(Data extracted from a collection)
- Opening Delimiter -

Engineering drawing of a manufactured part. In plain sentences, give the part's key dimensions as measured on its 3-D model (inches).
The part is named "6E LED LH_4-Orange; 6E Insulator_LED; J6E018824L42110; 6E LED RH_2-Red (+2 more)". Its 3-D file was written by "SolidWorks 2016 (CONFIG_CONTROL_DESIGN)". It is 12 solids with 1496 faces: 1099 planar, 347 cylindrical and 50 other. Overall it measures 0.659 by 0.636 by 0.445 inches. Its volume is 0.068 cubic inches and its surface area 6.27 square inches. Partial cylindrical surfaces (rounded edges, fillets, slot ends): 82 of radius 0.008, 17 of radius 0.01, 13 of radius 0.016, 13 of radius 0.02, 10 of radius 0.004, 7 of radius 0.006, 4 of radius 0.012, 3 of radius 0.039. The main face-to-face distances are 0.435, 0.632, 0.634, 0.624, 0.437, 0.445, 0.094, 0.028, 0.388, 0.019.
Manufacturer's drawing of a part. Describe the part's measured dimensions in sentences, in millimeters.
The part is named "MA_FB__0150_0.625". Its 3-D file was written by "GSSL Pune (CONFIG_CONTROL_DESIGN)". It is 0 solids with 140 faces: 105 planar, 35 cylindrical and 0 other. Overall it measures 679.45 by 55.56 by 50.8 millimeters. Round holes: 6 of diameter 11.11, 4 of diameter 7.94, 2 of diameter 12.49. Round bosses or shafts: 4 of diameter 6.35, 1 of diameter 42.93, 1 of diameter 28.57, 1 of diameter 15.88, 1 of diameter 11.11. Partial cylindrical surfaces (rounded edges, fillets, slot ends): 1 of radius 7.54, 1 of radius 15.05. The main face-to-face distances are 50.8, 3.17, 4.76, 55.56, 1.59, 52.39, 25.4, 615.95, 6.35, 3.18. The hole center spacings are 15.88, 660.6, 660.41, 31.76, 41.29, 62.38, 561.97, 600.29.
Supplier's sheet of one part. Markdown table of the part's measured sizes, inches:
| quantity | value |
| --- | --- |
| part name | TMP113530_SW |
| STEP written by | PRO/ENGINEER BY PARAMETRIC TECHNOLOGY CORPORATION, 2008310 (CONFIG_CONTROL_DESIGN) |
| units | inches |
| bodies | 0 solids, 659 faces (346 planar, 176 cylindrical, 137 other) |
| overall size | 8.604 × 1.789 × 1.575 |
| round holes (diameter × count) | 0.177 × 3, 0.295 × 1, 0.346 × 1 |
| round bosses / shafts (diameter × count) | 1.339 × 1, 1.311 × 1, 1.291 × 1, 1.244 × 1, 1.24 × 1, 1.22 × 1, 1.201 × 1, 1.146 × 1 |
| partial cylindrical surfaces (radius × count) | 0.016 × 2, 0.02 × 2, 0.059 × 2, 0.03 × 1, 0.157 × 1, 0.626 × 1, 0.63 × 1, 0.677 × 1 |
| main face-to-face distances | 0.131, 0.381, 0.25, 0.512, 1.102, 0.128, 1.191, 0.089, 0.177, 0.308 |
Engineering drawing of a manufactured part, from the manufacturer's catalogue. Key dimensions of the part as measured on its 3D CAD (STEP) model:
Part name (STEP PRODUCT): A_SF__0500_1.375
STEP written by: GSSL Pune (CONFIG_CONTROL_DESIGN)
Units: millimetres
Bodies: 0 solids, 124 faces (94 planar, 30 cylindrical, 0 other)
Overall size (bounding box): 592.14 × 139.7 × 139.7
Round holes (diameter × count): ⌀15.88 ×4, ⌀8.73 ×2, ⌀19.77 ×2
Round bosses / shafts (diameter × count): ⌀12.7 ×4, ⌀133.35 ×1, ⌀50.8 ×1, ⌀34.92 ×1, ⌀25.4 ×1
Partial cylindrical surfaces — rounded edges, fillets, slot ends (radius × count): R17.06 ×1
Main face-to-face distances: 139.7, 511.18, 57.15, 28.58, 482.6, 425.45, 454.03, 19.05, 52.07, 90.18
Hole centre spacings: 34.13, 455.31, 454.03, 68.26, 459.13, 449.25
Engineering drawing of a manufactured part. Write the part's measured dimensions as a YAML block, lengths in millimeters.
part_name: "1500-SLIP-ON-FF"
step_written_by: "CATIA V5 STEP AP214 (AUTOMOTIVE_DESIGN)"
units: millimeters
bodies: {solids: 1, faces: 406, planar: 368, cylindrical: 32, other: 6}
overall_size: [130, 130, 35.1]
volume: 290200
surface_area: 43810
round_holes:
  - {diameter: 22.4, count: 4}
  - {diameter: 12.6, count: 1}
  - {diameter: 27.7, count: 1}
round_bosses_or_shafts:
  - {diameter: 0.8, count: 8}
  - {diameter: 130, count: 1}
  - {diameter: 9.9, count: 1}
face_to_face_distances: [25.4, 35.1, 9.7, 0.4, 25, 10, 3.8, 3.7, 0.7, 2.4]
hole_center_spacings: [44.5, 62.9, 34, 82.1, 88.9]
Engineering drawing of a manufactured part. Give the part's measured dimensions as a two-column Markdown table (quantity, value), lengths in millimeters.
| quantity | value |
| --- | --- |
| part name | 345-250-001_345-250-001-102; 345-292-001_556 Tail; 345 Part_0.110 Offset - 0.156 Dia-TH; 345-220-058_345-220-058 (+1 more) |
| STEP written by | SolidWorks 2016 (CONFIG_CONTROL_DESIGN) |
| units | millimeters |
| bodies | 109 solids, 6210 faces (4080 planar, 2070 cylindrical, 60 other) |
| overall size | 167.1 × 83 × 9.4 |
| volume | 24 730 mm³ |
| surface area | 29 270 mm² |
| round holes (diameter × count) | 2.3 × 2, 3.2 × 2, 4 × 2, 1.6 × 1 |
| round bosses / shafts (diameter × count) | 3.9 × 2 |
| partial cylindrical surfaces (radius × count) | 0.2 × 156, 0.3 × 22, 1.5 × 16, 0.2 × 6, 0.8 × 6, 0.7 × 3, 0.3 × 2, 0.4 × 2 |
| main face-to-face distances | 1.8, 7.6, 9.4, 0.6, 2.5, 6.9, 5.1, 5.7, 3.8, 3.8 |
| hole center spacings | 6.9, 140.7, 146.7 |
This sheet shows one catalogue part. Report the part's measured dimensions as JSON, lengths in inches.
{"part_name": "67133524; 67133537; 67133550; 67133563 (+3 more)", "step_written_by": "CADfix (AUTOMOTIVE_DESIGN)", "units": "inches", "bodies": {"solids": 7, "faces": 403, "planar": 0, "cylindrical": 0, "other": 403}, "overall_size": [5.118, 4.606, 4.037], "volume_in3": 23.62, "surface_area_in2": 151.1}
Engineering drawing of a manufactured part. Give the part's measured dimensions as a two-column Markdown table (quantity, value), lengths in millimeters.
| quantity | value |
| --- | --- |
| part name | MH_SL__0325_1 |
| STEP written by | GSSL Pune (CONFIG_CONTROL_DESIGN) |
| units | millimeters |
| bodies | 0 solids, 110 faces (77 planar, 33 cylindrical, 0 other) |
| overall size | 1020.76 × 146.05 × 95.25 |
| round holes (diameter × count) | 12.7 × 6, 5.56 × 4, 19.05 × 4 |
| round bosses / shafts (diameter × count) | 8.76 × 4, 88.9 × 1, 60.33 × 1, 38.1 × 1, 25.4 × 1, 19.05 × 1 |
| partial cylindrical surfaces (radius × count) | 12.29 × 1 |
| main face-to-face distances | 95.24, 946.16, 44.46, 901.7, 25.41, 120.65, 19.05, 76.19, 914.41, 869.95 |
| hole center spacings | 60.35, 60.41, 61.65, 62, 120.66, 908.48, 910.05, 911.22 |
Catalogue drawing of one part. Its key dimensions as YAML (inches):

- Closing Delimiter -

Exercise
Would you set down every record again, exactly as it appears above?

Task response
Engineering drawing of a manufactured part. In plain sentences, give the part's key dimensions as measured on its 3-D model (inches).
The part is named "6E LED LH_4-Orange; 6E Insulator_LED; J6E018824L42110; 6E LED RH_2-Red (+2 more)". Its 3-D file was written by "SolidWorks 2016 (CONFIG_CONTROL_DESIGN)". It is 12 solids with 1496 faces: 1099 planar, 347 cylindrical and 50 other. Overall it measures 0.659 by 0.636 by 0.445 inches. Its volume is 0.068 cubic inches and its surface area 6.27 square inches. Partial cylindrical surfaces (rounded edges, fillets, slot ends): 82 of radius 0.008, 17 of radius 0.01, 13 of radius 0.016, 13 of radius 0.02, 10 of radius 0.004, 7 of radius 0.006, 4 of radius 0.012, 3 of radius 0.039. The main face-to-face distances are 0.435, 0.632, 0.634, 0.624, 0.437, 0.445, 0.094, 0.028, 0.388, 0.019.
Manufacturer's drawing of a part. Describe the part's measured dimensions in sentences, in millimeters.
The part is named "MA_FB__0150_0.625". Its 3-D file was written by "GSSL Pune (CONFIG_CONTROL_DESIGN)". It is 0 solids with 140 faces: 105 planar, 35 cylindrical and 0 other. Overall it measures 679.45 by 55.56 by 50.8 millimeters. Round holes: 6 of diameter 11.11, 4 of diameter 7.94, 2 of diameter 12.49. Round bosses or shafts: 4 of diameter 6.35, 1 of diameter 42.93, 1 of diameter 28.57, 1 of diameter 15.88, 1 of diameter 11.11. Partial cylindrical surfaces (rounded edges, fillets, slot ends): 1 of radius 7.54, 1 of radius 15.05. The main face-to-face distances are 50.8, 3.17, 4.76, 55.56, 1.59, 52.39, 25.4, 615.95, 6.35, 3.18. The hole center spacings are 15.88, 660.6, 660.41, 31.76, 41.29, 62.38, 561.97, 600.29.
Supplier's sheet of one part. Markdown table of the part's measured sizes, inches:
| quantity | value |
| --- | --- |
| part name | TMP113530_SW |
| STEP written by | PRO/ENGINEER BY PARAMETRIC TECHNOLOGY CORPORATION, 2008310 (CONFIG_CONTROL_DESIGN) |
| units | inches |
| bodies | 0 solids, 659 faces (346 planar, 176 cylindrical, 137 other) |
| overall size | 8.604 × 1.789 × 1.575 |
| round holes (diameter × count) | 0.177 × 3, 0.295 × 1, 0.346 × 1 |
| round bosses / shafts (diameter × count) | 1.339 × 1, 1.311 × 1, 1.291 × 1, 1.244 × 1, 1.24 × 1, 1.22 × 1, 1.201 × 1, 1.146 × 1 |
| partial cylindrical surfaces (radius × count) | 0.016 × 2, 0.02 × 2, 0.059 × 2, 0.03 × 1, 0.157 × 1, 0.626 × 1, 0.63 × 1, 0.677 × 1 |
| main face-to-face distances | 0.131, 0.381, 0.25, 0.512, 1.102, 0.128, 1.191, 0.089, 0.177, 0.308 |
Engineering drawing of a manufactured part, from the manufacturer's catalogue. Key dimensions of the part as measured on its 3D CAD (STEP) model:
Part name (STEP PRODUCT): A_SF__0500_1.375
STEP written by: GSSL Pune (CONFIG_CONTROL_DESIGN)
Units: millimetres
Bodies: 0 solids, 124 faces (94 planar, 30 cylindrical, 0 other)
Overall size (bounding box): 592.14 × 139.7 × 139.7
Round holes (diameter × count): ⌀15.88 ×4, ⌀8.73 ×2, ⌀19.77 ×2
Round bosses / shafts (diameter × count): ⌀12.7 ×4, ⌀133.35 ×1, ⌀50.8 ×1, ⌀34.92 ×1, ⌀25.4 ×1
Partial cylindrical surfaces — rounded edges, fillets, slot ends (radius × count): R17.06 ×1
Main face-to-face distances: 139.7, 511.18, 57.15, 28.58, 482.6, 425.45, 454.03, 19.05, 52.07, 90.18
Hole centre spacings: 34.13, 455.31, 454.03, 68.26, 459.13, 449.25
Engineering drawing of a manufactured part. Write the part's measured dimensions as a YAML block, lengths in millimeters.
part_name: "1500-SLIP-ON-FF"
step_written_by: "CATIA V5 STEP AP214 (AUTOMOTIVE_DESIGN)"
units: millimeters
bodies: {solids: 1, faces: 406, planar: 368, cylindrical: 32, other: 6}
overall_size: [130, 130, 35.1]
volume: 290200
surface_area: 43810
round_holes:
  - {diameter: 22.4, count: 4}
  - {diameter: 12.6, count: 1}
  - {diameter: 27.7, count: 1}
round_bosses_or_shafts:
  - {diameter: 0.8, count: 8}
  - {diameter: 130, count: 1}
  - {diameter: 9.9, count: 1}
face_to_face_distances: [25.4, 35.1, 9.7, 0.4, 25, 10, 3.8, 3.7, 0.7, 2.4]
hole_center_spacings: [44.5, 62.9, 34, 82.1, 88.9]
Engineering drawing of a manufactured part. Give the part's measured dimensions as a two-column Markdown table (quantity, value), lengths in millimeters.
| quantity | value |
| --- | --- |
| part name | 345-250-001_345-250-001-102; 345-292-001_556 Tail; 345 Part_0.110 Offset - 0.156 Dia-TH; 345-220-058_345-220-058 (+1 more) |
| STEP written by | SolidWorks 2016 (CONFIG_CONTROL_DESIGN) |
| units | millimeters |
| bodies | 109 solids, 6210 faces (4080 planar, 2070 cylindrical, 60 other) |
| overall size | 167.1 × 83 × 9.4 |
| volume | 24 730 mm³ |
| surface area | 29 270 mm² |
| round holes (diameter × count) | 2.3 × 2, 3.2 × 2, 4 × 2, 1.6 × 1 |
| round bosses / shafts (diameter × count) | 3.9 × 2 |
| partial cylindrical surfaces (radius × count) | 0.2 × 156, 0.3 × 22, 1.5 × 16, 0.2 × 6, 0.8 × 6, 0.7 × 3, 0.3 × 2, 0.4 × 2 |
| main face-to-face distances | 1.8, 7.6, 9.4, 0.6, 2.5, 6.9, 5.1, 5.7, 3.8, 3.8 |
| hole center spacings | 6.9, 140.7, 146.7 |
This sheet shows one catalogue part. Report the part's measured dimensions as JSON, lengths in inches.
{"part_name": "67133524; 67133537; 67133550; 67133563 (+3 more)", "step_written_by": "CADfix (AUTOMOTIVE_DESIGN)", "units": "inches", "bodies": {"solids": 7, "faces": 403, "planar": 0, "cylindrical": 0, "other": 403}, "overall_size": [5.118, 4.606, 4.037], "volume_in3": 23.62, "surface_area_in2": 151.1}
Engineering drawing of a manufactured part. Give the part's measured dimensions as a two-column Markdown table (quantity, value), lengths in millimeters.
| quantity | value |
| --- | --- |
| part name | MH_SL__0325_1 |
| STEP written by | GSSL Pune (CONFIG_CONTROL_DESIGN) |
| units | millimeters |
| bodies | 0 solids, 110 faces (77 planar, 33 cylindrical, 0 other) |
| overall size | 1020.76 × 146.05 × 95.25 |
| round holes (diameter × count) | 12.7 × 6, 5.56 × 4, 19.05 × 4 |
| round bosses / shafts (diameter × count) | 8.76 × 4, 88.9 × 1, 60.33 × 1, 38.1 × 1, 25.4 × 1, 19.05 × 1 |
| partial cylindrical surfaces (radius × count) | 12.29 × 1 |
| main face-to-face distances | 95.24, 946.16, 44.46, 901.7, 25.41, 120.65, 19.05, 76.19, 914.41, 869.95 |
| hole center spacings | 60.35, 60.41, 61.65, 62, 120.66, 908.48, 910.05, 911.22 |
Catalogue drawing of one part. Its key dimensions as YAML (inches):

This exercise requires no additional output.